Said another way, instead of our samples in the replay buffer only coming from tuples of the form:

\[(s_t, a_t, r_t, d_t, s_{t+1})\]

in DQfD, we will also see these terms below which constitute half of the replay buffer’s elements:

\[(s_t, a_{t}, r_t+\gamma r_{t+1}+\ldots + \gamma^{n-1}r_{t+n-1}, d_{t+n-1}, s_{t+n})\]

This makes sense, though it is tricky to implement. Above, I’ve included the “done masks” that are used to determine whether we should use a bootstrapped estimate or not. But keep in mind that if an episode actually ends sooner than $n$ steps ahead, the done mask must be applied at the point where the episode ends!

One final comment on replay buffers: if you’re using prioritized experience replay, it’s probably easiest to keep the demonstrator and self-generated data in the same experience replay buffer class, and then build on top of the prioritized buffer class as provided by OpenAI baselines. To ensure that the demonstrator data is never overwritten, you can always “reserve” the first $K$ indices in a list of the transition tuples to be for the teacher.

The paper’s experimental results show that DQfD learns faster initially (arguably one of the most critical periods) and often has higher asymptotic performance. You can see the results in the paper.

I like the DQfD paper very much. Otherwise, I would not have invested significant effort into understanding it. Nonetheless, I have at least two concerns:

  • The ablation studies seem very minor, or at least compared to the imitation loss experiments. I’m not sure why? It seems like DeepMind prioritized their other results, which probably makes sense. In theory, I think all components in the loss function $J(Q)$ matter, with the possible exception of the $L_2$ loss (see next point).

  • The main logic of the $L_2$ loss is to avoid overfitting on the demonstration data. But is that really the best way to prevent overfitting? And in RL here, presumably if the agent gets better and better, it doesn’t need the demonstration data any more. But then we would be effectively applying $L_2$ regularization on a “vanilla” RL agent, and that might be riskier — regularizing RL seems to be an open question.
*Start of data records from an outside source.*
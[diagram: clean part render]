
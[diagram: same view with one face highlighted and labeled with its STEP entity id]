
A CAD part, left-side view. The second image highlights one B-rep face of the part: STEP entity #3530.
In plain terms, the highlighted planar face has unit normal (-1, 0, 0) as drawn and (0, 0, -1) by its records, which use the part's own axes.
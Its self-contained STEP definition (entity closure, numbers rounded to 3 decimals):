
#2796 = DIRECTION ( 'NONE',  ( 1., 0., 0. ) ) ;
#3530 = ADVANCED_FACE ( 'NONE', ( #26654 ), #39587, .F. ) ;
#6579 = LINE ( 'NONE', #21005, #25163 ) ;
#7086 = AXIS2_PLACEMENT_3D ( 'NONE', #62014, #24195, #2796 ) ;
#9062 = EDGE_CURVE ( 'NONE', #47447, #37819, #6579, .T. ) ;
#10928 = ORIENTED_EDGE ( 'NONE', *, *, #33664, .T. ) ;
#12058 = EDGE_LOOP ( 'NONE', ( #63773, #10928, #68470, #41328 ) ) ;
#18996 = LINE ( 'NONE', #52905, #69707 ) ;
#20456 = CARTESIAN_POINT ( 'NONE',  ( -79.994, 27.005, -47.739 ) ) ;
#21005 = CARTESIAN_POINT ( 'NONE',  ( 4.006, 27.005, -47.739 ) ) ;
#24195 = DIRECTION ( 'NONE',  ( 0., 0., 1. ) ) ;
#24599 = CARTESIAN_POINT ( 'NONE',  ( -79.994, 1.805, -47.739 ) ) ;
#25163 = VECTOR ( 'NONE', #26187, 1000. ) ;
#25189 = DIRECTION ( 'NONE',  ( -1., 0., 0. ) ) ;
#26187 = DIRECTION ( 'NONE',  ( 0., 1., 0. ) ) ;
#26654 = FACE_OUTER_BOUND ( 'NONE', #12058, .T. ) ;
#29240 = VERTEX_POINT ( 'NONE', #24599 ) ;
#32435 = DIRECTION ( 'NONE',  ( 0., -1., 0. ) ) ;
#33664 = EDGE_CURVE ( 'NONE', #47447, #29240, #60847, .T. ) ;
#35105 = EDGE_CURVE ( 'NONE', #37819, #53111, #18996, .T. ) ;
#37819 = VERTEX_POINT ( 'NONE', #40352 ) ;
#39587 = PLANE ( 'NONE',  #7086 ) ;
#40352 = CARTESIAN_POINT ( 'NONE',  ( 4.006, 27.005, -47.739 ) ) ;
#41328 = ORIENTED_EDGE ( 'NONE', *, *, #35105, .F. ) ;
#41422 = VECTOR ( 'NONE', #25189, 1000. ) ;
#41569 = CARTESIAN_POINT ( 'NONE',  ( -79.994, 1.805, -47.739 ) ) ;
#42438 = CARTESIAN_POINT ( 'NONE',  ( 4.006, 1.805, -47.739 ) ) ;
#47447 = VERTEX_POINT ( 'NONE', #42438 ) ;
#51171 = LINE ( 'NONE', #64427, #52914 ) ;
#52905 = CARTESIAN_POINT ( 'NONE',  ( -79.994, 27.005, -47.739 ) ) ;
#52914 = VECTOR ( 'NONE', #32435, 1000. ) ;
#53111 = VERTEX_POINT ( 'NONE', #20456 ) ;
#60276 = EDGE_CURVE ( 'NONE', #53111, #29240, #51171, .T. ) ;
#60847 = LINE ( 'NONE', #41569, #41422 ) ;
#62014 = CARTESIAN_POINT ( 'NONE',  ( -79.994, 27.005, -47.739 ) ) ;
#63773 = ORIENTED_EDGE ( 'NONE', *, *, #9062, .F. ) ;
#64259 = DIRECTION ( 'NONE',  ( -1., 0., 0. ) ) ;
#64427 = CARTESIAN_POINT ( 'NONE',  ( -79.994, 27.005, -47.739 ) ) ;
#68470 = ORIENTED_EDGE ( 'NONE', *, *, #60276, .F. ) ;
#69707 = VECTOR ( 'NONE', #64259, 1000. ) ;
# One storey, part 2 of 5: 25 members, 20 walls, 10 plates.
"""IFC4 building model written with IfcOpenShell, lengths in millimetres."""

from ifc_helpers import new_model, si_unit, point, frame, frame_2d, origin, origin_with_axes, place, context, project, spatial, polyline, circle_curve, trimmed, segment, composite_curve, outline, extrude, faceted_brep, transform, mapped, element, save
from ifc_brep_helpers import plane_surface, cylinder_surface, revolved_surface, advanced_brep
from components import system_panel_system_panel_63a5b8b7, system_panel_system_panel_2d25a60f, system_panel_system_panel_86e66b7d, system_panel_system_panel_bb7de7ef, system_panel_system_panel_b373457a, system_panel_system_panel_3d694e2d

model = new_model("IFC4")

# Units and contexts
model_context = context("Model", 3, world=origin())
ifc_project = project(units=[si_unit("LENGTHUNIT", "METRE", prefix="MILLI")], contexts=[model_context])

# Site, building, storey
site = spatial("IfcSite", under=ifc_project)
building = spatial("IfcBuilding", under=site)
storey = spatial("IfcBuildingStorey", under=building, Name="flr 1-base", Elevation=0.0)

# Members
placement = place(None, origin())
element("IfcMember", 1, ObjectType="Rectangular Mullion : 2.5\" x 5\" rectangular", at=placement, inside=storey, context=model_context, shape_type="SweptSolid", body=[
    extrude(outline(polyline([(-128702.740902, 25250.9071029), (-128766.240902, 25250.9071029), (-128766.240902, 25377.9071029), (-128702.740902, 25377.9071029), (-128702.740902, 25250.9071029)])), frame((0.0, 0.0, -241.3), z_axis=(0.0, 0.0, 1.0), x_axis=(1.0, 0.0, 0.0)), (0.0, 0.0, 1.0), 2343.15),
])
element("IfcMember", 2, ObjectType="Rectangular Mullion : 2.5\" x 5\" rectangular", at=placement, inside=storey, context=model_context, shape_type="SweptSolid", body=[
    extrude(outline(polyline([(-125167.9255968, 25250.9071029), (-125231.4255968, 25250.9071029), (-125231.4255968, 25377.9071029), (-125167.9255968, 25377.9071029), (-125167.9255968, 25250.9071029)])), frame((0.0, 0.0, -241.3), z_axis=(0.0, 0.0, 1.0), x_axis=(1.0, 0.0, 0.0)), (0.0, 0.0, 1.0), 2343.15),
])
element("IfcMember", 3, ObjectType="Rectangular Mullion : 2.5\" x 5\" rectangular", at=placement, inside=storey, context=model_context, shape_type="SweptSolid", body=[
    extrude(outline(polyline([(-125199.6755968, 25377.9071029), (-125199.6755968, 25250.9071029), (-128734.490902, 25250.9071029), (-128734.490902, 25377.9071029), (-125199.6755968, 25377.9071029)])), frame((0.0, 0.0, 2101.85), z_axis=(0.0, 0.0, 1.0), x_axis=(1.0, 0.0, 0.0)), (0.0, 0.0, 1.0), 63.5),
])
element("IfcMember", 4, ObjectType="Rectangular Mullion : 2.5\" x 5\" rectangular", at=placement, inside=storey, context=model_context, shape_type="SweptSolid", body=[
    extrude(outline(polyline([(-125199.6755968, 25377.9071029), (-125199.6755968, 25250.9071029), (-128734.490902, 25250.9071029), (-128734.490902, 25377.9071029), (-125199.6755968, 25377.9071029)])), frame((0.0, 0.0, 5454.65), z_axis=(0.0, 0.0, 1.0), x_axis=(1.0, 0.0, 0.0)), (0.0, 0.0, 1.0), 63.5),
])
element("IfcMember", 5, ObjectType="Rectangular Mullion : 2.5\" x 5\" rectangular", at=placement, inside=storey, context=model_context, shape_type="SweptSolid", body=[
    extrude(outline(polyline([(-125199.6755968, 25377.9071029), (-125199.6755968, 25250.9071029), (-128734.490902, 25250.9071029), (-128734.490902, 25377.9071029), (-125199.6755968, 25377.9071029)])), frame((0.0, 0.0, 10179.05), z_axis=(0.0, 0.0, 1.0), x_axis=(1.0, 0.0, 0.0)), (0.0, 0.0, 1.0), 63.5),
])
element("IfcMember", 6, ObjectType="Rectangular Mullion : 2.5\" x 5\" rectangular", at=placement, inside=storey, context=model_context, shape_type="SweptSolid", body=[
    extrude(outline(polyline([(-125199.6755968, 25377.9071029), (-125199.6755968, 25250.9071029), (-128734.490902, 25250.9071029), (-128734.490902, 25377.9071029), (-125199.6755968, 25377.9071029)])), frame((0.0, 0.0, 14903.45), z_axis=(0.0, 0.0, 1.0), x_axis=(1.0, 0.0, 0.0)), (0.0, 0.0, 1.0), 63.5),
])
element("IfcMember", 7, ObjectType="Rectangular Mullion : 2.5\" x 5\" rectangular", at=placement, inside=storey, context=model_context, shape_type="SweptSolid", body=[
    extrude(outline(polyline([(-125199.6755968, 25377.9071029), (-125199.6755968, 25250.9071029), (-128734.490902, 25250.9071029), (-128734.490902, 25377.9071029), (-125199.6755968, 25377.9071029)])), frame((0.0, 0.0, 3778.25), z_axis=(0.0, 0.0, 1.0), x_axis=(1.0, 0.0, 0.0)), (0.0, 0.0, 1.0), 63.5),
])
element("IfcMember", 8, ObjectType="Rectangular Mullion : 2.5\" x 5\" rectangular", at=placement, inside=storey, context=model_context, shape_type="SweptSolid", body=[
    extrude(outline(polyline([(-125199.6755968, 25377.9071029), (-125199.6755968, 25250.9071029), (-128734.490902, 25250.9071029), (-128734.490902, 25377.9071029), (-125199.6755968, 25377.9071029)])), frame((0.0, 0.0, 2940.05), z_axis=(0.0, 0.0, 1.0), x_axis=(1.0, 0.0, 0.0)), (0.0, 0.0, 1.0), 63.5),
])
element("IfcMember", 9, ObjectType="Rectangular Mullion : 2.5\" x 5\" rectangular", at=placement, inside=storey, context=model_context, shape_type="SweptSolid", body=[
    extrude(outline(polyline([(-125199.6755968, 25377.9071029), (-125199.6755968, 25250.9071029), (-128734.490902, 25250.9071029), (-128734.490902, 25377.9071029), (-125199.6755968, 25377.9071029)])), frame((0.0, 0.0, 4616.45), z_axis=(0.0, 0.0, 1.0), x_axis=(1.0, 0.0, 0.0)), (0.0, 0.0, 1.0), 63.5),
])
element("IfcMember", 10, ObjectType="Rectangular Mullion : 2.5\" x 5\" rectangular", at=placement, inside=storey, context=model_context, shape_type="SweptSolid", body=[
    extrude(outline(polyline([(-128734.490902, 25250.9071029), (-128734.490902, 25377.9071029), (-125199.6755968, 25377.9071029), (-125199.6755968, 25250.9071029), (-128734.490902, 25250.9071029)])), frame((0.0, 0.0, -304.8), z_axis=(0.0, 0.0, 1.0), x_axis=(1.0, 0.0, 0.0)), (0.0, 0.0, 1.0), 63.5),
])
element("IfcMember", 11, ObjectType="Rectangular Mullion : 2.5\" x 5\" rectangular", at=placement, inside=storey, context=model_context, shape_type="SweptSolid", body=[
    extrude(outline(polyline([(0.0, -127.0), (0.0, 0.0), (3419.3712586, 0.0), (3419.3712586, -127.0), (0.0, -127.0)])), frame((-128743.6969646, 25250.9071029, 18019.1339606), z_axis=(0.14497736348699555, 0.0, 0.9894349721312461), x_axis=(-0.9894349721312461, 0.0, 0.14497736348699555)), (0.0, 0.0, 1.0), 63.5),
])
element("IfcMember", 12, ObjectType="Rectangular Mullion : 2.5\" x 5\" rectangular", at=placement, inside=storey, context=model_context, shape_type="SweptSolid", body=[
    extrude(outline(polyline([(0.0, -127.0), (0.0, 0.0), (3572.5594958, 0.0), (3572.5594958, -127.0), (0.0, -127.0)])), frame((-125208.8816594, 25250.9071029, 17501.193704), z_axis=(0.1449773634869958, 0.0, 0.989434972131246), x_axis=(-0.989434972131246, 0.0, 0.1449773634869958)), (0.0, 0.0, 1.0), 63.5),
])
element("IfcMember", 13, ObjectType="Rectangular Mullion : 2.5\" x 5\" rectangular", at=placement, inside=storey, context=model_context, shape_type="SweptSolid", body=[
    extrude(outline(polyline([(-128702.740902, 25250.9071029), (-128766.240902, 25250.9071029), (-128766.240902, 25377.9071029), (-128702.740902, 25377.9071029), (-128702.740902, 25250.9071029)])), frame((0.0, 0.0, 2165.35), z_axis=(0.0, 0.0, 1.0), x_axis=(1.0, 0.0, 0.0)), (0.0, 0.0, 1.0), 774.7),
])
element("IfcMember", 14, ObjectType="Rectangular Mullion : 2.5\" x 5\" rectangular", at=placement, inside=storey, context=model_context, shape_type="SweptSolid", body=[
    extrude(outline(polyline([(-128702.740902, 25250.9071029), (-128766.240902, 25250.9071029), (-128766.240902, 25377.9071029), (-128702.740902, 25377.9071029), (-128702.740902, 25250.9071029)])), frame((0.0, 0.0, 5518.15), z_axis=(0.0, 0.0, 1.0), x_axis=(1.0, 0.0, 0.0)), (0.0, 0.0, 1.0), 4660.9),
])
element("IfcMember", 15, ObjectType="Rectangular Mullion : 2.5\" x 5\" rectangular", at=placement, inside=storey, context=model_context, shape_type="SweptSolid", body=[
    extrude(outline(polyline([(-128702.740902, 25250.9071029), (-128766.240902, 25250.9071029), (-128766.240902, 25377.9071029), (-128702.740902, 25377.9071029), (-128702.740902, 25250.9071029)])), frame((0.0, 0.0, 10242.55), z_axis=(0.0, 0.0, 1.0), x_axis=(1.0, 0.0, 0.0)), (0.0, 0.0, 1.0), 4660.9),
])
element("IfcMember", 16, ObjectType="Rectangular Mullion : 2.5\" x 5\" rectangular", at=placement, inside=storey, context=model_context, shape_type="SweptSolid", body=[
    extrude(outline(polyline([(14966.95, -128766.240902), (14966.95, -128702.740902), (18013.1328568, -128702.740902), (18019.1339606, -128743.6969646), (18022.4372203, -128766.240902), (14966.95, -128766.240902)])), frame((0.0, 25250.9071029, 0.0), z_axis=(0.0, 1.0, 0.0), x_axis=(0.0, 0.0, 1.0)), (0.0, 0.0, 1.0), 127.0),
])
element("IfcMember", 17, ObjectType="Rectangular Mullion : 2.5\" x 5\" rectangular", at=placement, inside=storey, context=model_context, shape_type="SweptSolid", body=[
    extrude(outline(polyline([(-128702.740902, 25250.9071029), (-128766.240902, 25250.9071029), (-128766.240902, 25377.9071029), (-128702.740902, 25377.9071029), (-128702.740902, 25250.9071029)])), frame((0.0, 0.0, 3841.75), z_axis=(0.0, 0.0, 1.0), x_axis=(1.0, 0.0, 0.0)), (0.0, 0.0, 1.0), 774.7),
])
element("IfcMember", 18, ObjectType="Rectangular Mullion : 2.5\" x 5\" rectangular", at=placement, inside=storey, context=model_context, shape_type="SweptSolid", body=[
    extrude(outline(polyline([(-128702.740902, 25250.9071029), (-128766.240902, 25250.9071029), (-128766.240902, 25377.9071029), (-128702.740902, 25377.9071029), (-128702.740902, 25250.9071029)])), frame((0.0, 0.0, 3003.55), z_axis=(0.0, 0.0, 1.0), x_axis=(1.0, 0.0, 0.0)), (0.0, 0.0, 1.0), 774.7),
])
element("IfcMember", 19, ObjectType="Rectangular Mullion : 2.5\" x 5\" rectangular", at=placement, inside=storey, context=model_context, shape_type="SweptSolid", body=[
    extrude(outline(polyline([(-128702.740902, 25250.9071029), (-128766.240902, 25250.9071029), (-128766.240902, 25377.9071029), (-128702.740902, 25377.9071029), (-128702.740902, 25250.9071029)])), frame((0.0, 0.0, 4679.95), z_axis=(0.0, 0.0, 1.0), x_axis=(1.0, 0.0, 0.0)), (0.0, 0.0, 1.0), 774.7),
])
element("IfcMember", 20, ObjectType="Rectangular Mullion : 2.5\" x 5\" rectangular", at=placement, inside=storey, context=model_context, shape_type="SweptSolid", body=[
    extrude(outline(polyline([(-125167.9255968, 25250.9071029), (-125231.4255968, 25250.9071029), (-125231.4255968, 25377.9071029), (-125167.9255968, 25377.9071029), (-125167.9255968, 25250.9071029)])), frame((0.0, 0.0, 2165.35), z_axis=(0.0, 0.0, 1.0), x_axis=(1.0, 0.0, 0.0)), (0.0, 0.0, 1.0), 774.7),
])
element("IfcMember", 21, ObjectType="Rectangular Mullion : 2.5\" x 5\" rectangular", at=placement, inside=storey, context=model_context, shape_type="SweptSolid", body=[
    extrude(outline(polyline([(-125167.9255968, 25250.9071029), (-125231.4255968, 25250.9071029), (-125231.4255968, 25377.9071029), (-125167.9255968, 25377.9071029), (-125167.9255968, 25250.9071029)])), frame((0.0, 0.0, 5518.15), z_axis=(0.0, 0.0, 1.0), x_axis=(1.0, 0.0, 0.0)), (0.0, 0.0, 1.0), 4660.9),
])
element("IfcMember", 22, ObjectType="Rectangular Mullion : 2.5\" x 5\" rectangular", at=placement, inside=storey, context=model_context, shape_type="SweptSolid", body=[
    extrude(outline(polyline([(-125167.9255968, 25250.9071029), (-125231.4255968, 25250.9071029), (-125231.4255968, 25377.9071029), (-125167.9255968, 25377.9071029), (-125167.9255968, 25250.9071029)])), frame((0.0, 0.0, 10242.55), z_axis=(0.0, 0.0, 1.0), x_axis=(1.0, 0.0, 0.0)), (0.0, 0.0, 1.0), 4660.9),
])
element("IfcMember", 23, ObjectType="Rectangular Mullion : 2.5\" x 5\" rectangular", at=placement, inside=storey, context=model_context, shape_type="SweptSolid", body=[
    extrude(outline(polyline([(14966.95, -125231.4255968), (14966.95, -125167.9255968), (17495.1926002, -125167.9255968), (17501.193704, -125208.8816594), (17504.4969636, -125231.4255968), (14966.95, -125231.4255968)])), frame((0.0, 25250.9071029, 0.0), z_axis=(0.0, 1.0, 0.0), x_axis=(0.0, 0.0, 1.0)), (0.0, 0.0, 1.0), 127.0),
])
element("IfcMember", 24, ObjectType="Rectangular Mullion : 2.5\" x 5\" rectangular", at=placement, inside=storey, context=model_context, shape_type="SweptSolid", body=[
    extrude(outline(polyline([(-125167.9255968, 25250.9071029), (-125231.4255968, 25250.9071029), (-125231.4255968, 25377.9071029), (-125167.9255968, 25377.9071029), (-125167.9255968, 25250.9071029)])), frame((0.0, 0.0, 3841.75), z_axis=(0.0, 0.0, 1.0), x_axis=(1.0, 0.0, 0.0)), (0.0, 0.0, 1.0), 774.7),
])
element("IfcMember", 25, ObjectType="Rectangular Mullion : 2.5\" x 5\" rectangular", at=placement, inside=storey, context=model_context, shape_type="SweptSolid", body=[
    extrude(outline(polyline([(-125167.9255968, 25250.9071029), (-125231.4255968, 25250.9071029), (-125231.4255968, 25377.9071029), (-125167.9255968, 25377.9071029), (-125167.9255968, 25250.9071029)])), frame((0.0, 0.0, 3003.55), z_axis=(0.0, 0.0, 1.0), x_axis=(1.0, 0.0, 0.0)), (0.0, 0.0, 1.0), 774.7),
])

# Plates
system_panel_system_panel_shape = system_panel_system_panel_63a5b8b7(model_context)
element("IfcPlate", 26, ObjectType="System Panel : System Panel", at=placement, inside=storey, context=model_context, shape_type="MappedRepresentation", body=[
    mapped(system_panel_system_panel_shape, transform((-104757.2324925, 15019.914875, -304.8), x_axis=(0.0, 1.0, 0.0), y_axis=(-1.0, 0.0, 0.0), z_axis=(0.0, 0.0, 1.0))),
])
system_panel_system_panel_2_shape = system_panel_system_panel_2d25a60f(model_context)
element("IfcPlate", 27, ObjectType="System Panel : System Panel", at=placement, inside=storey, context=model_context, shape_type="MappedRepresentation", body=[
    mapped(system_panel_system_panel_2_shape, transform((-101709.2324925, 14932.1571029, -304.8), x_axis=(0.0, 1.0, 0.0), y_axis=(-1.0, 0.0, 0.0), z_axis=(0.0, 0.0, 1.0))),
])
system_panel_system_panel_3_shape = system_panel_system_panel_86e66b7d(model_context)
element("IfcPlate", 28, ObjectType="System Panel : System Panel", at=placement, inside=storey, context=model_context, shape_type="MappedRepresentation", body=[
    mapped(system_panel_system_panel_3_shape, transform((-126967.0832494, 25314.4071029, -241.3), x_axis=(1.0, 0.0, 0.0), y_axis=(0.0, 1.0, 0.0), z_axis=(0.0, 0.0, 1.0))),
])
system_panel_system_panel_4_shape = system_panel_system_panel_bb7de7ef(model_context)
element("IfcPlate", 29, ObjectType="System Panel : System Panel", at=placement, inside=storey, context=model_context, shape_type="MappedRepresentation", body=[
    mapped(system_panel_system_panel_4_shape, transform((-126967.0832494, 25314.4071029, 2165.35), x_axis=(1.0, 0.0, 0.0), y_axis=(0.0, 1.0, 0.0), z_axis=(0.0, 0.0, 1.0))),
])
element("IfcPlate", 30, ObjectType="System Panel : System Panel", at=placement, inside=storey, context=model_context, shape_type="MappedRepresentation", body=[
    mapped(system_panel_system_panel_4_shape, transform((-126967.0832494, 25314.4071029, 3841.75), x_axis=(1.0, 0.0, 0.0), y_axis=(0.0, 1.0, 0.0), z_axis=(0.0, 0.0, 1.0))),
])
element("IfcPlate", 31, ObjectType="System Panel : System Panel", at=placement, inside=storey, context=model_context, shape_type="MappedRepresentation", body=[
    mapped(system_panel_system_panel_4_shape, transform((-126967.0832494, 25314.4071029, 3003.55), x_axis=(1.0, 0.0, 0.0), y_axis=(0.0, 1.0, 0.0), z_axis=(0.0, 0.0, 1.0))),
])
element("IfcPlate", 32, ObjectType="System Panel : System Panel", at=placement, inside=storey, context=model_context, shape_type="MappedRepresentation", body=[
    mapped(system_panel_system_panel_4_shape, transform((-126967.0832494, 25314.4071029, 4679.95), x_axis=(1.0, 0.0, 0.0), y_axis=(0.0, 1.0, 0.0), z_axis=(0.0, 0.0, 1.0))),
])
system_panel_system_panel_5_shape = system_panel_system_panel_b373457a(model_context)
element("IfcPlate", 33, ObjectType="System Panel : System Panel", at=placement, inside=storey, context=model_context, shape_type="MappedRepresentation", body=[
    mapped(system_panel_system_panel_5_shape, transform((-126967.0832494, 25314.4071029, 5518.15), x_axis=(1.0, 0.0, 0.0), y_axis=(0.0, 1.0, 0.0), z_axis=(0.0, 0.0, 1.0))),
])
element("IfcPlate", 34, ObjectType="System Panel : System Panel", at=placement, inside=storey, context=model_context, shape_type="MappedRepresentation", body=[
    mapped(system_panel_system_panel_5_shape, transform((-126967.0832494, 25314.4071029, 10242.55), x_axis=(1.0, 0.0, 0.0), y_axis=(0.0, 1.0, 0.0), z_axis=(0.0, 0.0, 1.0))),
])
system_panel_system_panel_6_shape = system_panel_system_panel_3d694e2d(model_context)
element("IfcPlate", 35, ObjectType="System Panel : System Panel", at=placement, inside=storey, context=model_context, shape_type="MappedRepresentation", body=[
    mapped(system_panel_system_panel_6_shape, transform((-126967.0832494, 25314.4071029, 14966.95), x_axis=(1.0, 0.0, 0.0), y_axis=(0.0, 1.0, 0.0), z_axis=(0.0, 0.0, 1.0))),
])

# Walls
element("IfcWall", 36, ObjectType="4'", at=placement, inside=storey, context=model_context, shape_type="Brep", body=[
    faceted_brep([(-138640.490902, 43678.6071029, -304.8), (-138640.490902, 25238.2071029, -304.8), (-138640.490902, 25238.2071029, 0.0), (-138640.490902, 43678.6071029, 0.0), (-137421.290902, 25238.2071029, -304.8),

DeepMind has extended DQfD in several ways. Upon a literature search, it seems like two relevant follow-up works are:

  • Distributed Prioritized Experience Replay, with the OpenReview link here for ICLR 2018. The main idea of this paper is to scale up the experience replay data by having many actors collect experience. Their framework is called Ape-X, and they claim that Ape-X DQN achieves a new state of the art performance on Atari games. This paper is not that particularly relevant to DQfD, but I include it here mainly because a follow-up paper (see below) used this technique with DQfD.

  • Observe and Look Further: Achieving Consistent Performance on Atari. This one appeared to have been rejected from ICLR 2019, unfortunately, and I’m a little concerned about the rationale. If the reviewers say that there are not enough experiments, then what does this mean for people who do not have as much compute? In any case, this paper proposes the Ape-X DQfD algorithm, which as one might expect combines DQfD with the distributed prioritized experience replay algorithm. DeepMind was able to increase discount factor to be $\gamma=0.999$, which they argue allows for an order of magnitude more downstream reward data. Some other hyperparameter changes: the large margin value increases to $\sqrt{0.999}$, and there is now no prioritization, just a fixed proportion of student-teacher samples in each minibatch. Huh, that’s interesting. I would like to understand this rationale better.

Combining IL and RL is a fascinating concept. I will keep reading relevant papers to remain at the frontiers of knowledge.

Update May 2019: I have a blog post which describes some follow-up work in more detail.